What About Adding Vinegar?

You’ll hear that adding apple cider vinegar helps pull more collagen and minerals from bones. The reality is underwhelming. Controlled tests comparing broths made with and without vinegar show negligible differences. Apple cider vinegar has a pH around 2.4, which sounds acidic but isn’t nearly strong enough to meaningfully break down bone in the timeframe of a typical simmer. One set of measurements found vinegar increased calcium per serving from about 10 mg to 12 mg, a 0.1% bump in daily needs. It won’t hurt your broth, but don’t count on it to boost collagen extraction.

How Commercial Broths Compare

If you’re buying bone broth rather than making it, collagen content varies wildly between brands. A 2025 analysis by ConsumerLab found that commercial bone broths ranged from just 1 gram to 6 grams of collagen per cup. Most landed around 4 grams. One product was flagged for providing only 1.3 grams per cup, far below what you’d expect from a product marketed for its collagen content.

Protein content on the label is your best proxy when shopping. Since nearly all the protein in bone broth comes from collagen, a broth listing 9 or 10 grams of protein per cup will contain substantially more collagen than one listing 4 or 5 grams. Look for brands that specify the bones used (knuckles, feet, joints) rather than generic “bones.”

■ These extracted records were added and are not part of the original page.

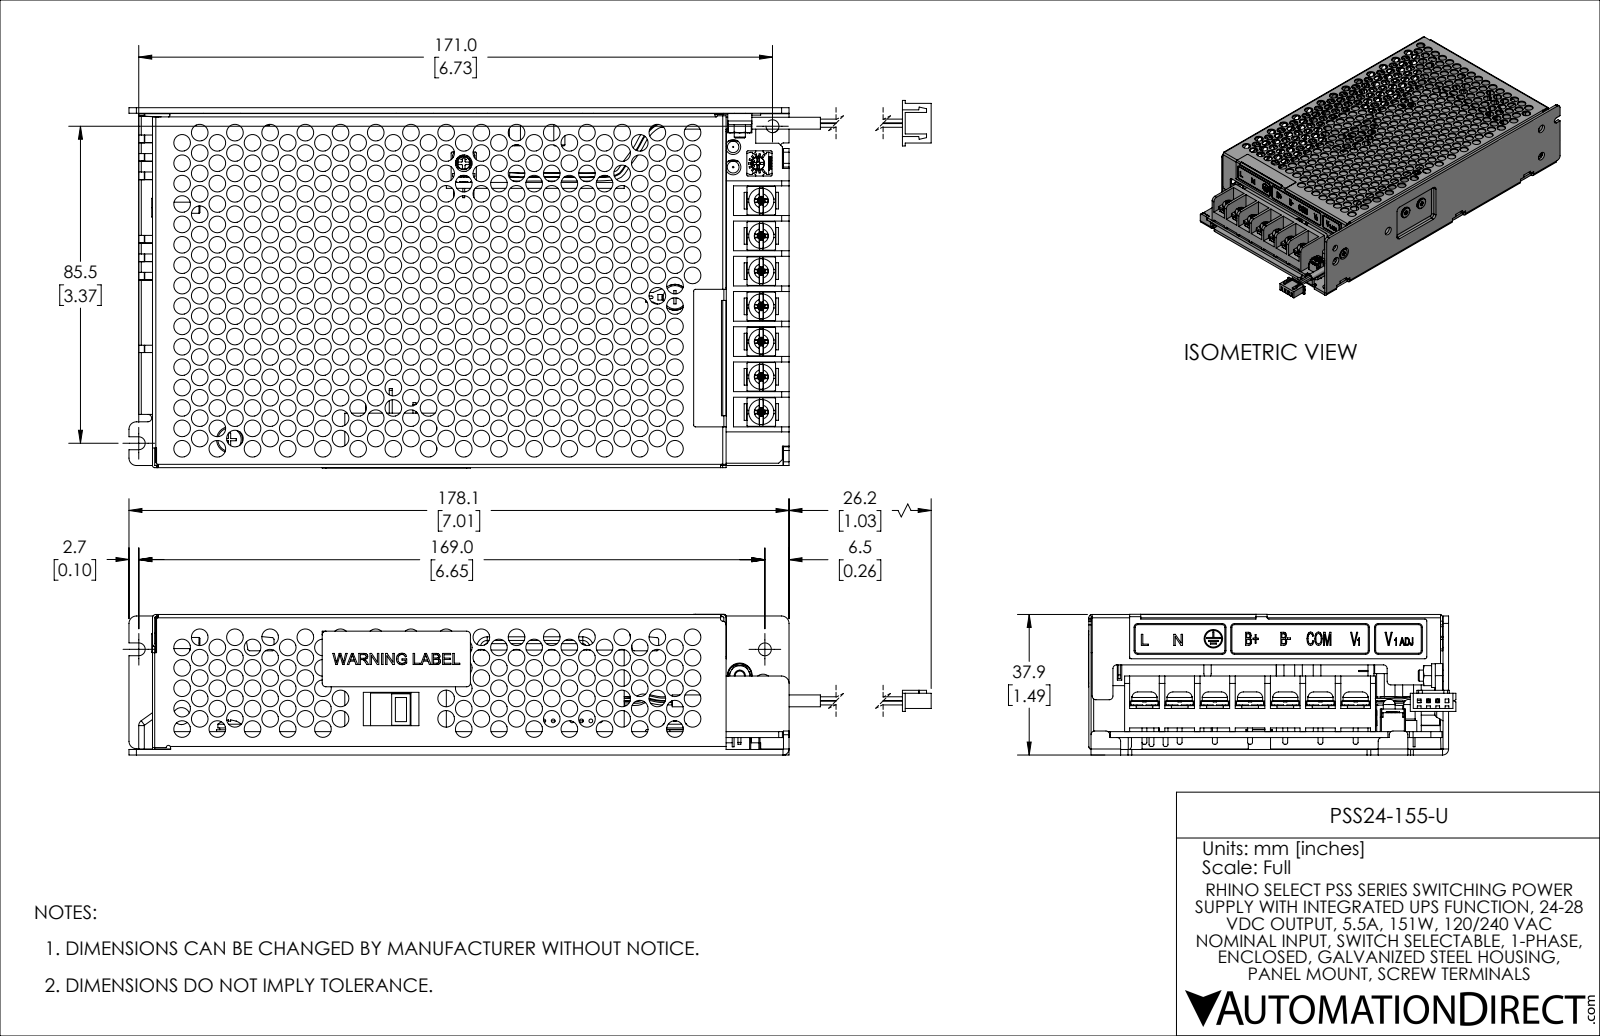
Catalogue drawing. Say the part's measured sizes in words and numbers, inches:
The part is named "PSS12-155-U". Its 3-D file was written by "SolidWorks 2021 (AUTOMOTIVE_DESIGN)". It is 41 solids with 3816 faces: 2218 planar, 1079 cylindrical and 519 other. Overall it measures 8.045 by 3.904 by 1.494 inches. Its volume is 5.493 cubic inches and its surface area 226.8 square inches. Round holes: 610 of diameter 0.177, 14 of diameter 0.118, 7 of diameter 0.04, 4 of diameter 0.181, 3 of diameter 0.138, 2 of diameter 0.107, 2 of diameter 0.142, 1 of diameter 0.106, 1 of diameter 0.126, 1 of diameter 0.126, 1 of diameter 0.128, 1 of diameter 0.137. Round bosses or shafts: 9 of diameter 0.197, 9 of diameter 0.157, 7 of diameter 0.268, 4 of diameter 0.236, 4 of diameter 0.134, 4 of diameter 0.039, 3 of diameter 0.209, 3 of diameter 0.118. Partial cylindrical surfaces (rounded edges, fillets, slot ends): 59 of radius 0.039, 56 of radius 0.02, 39 of radius 0.004, 38 of radius 0.012, 36 of radius 0.008, 15 of radius 0.028, 12 of radius 0.079, 5 of radius 0.005. The main face-to-face distances are 0.059, 0.063, 0.248, 0.189, 0.185, 0.126, 0.024, 1.493, 1.433, 1.307. The hole center spacings are 0.432, 0.217, 0.572, 0.433, 0.75, 0.374, 0.65, 0.943.
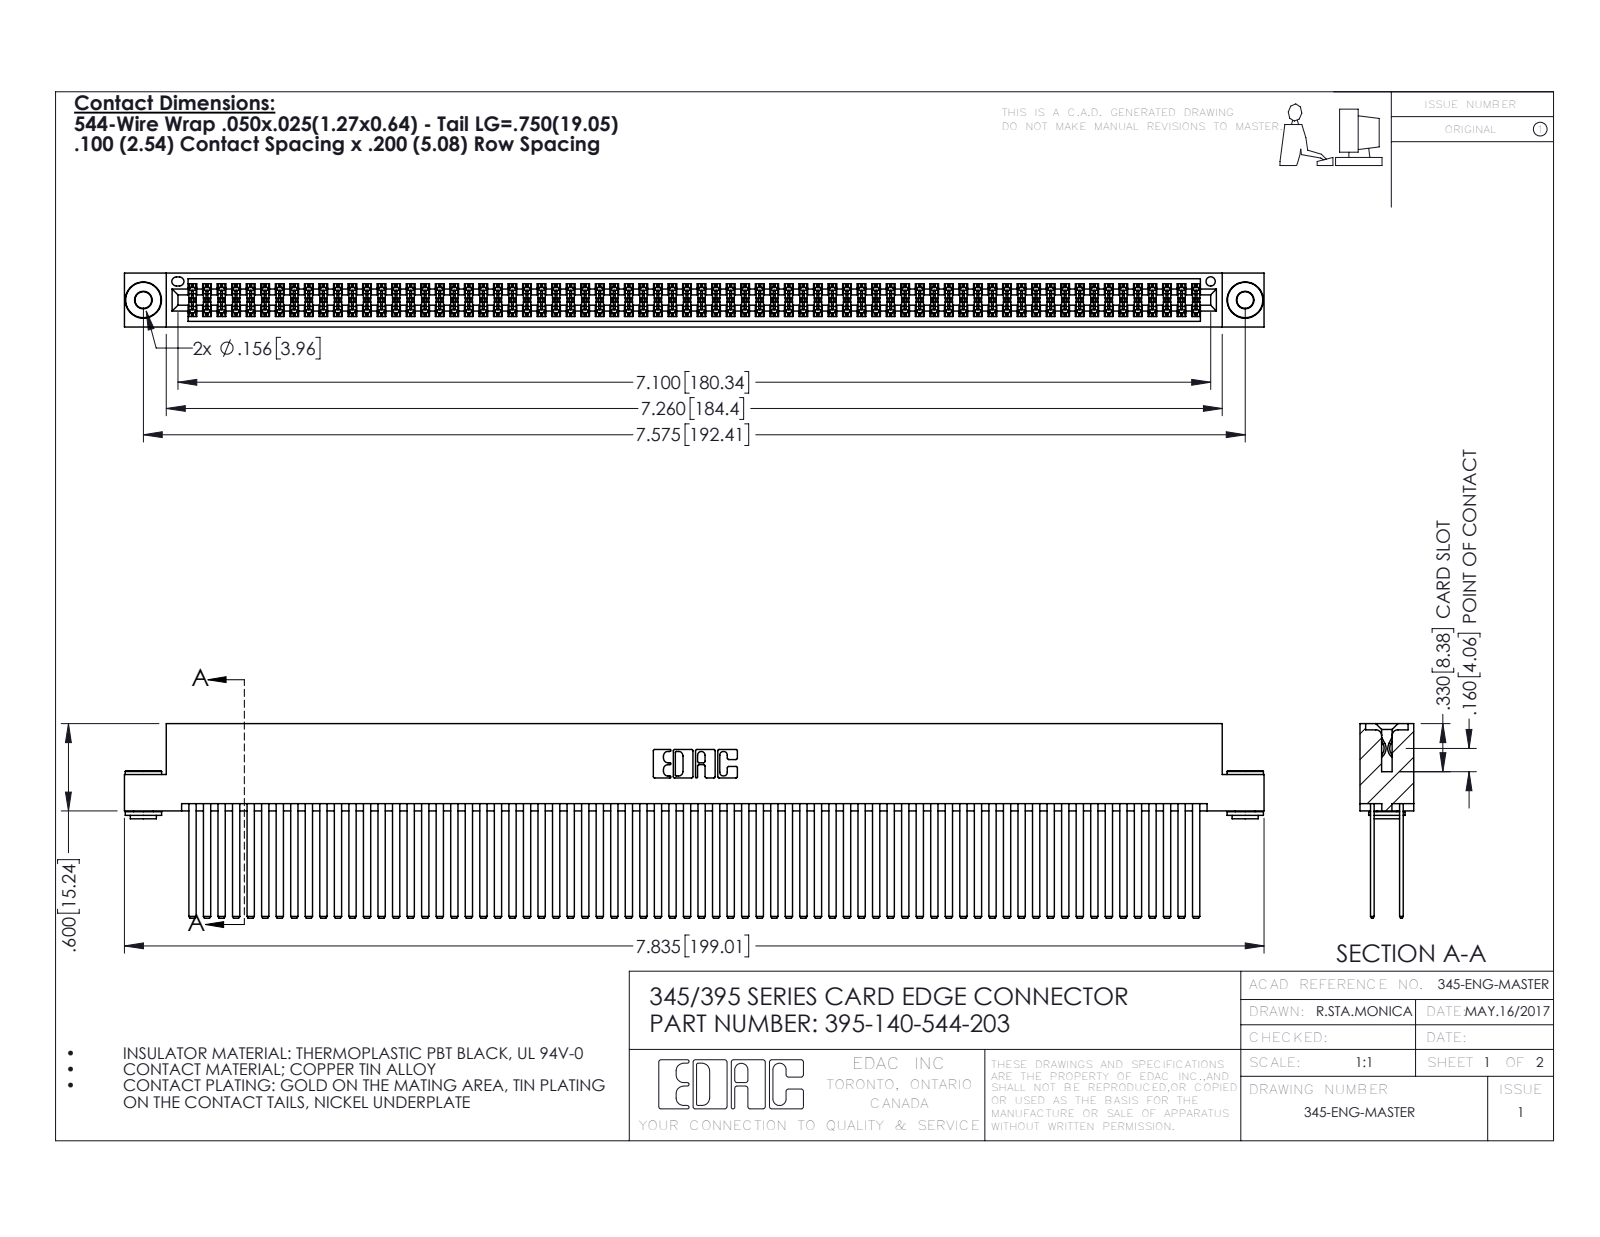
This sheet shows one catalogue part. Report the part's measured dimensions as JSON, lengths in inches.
{"part_name": "395-140-544-203; 345-292-001_345-293-144; 345-250-002_345-250-002-102; 345 Part_Flush Mounting Lugs - 0.156 Dia-TH", "step_written_by": "SolidWorks 2016 (CONFIG_CONTROL_DESIGN)", "units": "inches", "bodies": {"solids": 143, "faces": 6324, "planar": 4150, "cylindrical": 2166, "other": 8}, "overall_size": [7.835, 1.337, 0.37], "volume_in3": 1.317, "surface_area_in2": 59.5, "round_holes": [[0.116, 2], [0.156, 2], [0.064, 1]], "round_bosses_or_shafts": [[0.25, 2], [0.18, 2], [0.136, 2]], "partial_cylinders_radius": [[0.006, 210], [0.01, 22], [0.007, 6], [0.031, 6], [0.026, 3], [0.014, 2], [0.019, 2], [0.022, 2]], "face_to_face_distances": [0.2, 0.025, 0.072, 0.098, 0.272, 0.298, 0.225, 0.175, 0.37, 0.05], "hole_center_spacings": [0.27, 7.339, 7.575]}
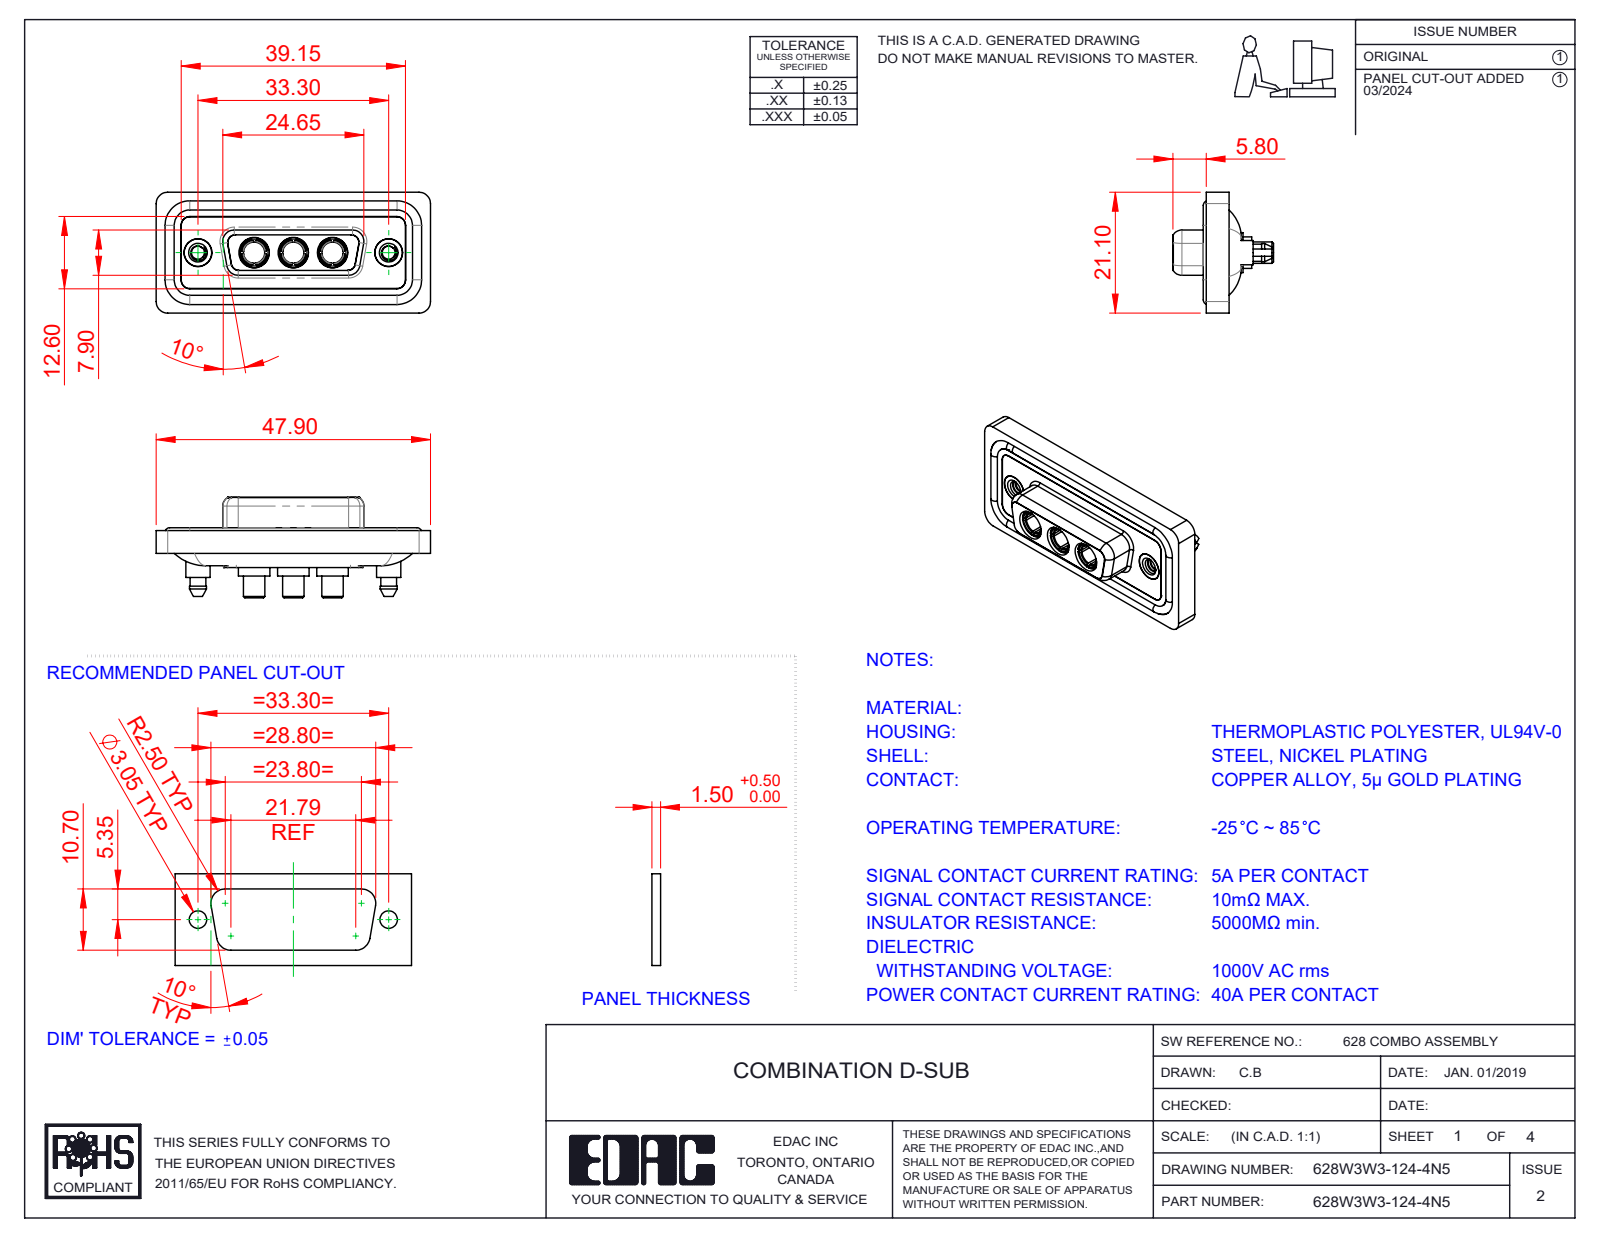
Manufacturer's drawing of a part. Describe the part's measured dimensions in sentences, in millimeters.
The part is named "628Combo Shell Front_15 Contacts; 628Combo Threaded Boardlock_5; 628Combo Waterproof Housing_15 Contacts; 628Combo Shell Rear_15 Contacts (+3 more)". Its 3-D file was written by "SolidWorks 2023 (CONFIG_CONTROL_DESIGN)". It is 13 solids with 658 faces: 208 planar, 289 cylindrical and 161 other. Overall it measures 47.9 by 21.1 by 17.55 millimeters. Its volume is 6 215 cubic millimeters and its surface area 10 104 square millimeters. Round holes: 5 of diameter 4.85, 3 of diameter 3.7, 3 of diameter 5.3, 2 of diameter 2.26, 2 of diameter 4, 2 of diameter 4.05, 2 of diameter 5. Round bosses or shafts: 4 of diameter 1.6, 3 of diameter 5.5, 3 of diameter 5.2, 3 of diameter 4.96, 3 of diameter 4.75, 3 of diameter 3.75, 2 of diameter 5.4, 2 of diameter 4.95. Partial cylindrical surfaces (rounded edges, fillets, slot ends): 24 of radius 1.5, 20 of radius 2, 12 of radius 1.35, 10 of radius 1.6, 4 of radius 0.25, 4 of radius 0.5, 4 of radius 0.6, 4 of radius 0.65. The main face-to-face distances are 0.4, 1.8, 1.6, 0.5, 7.45, 1.1, 2.9, 5.65, 7.05, 6.6. The hole center spacings are 6.85, 9.8, 16.65, 23.5, 13.7, 33.3.

Bone Broth vs. Collagen Supplements

It’s worth noting that bone broth delivers collagen in a whole-food matrix alongside minerals like calcium, magnesium, and phosphorus, plus amino acids like glycine and proline. Collagen supplements (hydrolyzed peptides) are more concentrated, typically delivering 10 to 20 grams per serving, and are broken into smaller molecules designed for easier absorption.

If your goal is maximizing collagen intake specifically, supplements are more efficient gram for gram. But bone broth offers a broader nutritional profile and the practical benefits of being a warm, satisfying food you can build meals around. The two aren’t really competitors. Many people use both: broth as a daily food, supplements when they want a targeted dose.

Getting the Most Collagen From Homemade Broth

To make the highest-collagen broth at home, combine beef knuckle bones or oxtails with a few chicken feet. This gives you both type I/III and type II collagen in a single batch. Use enough water to just cover the bones rather than filling the pot, which keeps the collagen concentrated. Hold a gentle simmer at 190°F for 18 to 24 hours, skimming fat occasionally. The result should gel firmly when refrigerated.

Roasting bones beforehand improves flavor but doesn’t change collagen yield. The variables that actually matter are bone selection, water ratio, temperature, and time.